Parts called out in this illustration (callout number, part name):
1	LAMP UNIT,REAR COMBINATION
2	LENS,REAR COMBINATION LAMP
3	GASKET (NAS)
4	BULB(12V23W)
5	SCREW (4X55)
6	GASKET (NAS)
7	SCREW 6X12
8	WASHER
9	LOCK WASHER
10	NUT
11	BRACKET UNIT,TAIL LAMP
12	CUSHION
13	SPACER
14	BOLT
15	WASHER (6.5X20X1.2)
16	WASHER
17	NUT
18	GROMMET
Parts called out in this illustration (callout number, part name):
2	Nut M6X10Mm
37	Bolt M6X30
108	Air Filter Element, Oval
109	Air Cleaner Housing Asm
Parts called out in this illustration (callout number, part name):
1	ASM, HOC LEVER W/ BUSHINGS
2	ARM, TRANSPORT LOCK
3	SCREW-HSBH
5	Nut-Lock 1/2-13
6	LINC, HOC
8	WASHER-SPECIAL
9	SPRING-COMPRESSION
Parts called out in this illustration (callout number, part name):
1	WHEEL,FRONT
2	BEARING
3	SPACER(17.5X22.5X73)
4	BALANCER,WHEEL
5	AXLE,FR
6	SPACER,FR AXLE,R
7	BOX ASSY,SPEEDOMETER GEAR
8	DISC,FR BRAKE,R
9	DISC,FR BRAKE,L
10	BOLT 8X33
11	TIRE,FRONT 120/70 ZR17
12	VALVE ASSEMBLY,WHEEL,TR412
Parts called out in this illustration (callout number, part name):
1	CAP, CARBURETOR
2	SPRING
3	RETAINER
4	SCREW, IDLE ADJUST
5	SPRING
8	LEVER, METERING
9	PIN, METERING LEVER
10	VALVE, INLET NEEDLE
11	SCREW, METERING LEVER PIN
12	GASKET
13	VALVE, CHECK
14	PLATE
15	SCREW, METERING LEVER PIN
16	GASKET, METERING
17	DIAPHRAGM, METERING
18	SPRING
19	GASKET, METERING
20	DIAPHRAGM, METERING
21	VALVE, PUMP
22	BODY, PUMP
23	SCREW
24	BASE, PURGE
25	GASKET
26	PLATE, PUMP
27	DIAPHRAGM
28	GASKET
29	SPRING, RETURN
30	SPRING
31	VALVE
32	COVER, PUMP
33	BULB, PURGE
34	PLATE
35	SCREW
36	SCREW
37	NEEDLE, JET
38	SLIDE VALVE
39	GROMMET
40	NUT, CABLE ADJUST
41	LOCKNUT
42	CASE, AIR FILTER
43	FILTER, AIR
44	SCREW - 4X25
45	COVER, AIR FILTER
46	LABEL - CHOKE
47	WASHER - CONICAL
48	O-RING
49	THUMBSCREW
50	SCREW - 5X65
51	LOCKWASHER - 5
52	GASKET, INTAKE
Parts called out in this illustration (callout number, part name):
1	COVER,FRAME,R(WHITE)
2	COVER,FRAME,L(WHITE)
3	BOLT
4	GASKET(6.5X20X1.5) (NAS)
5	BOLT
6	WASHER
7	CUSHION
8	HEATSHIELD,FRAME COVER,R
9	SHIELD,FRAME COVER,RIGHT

┄┄┄┄┄┄┄┄┄┄

Among the lines of the material above, tally those containing "ADJUST" and respond with the total only.

Output below. 2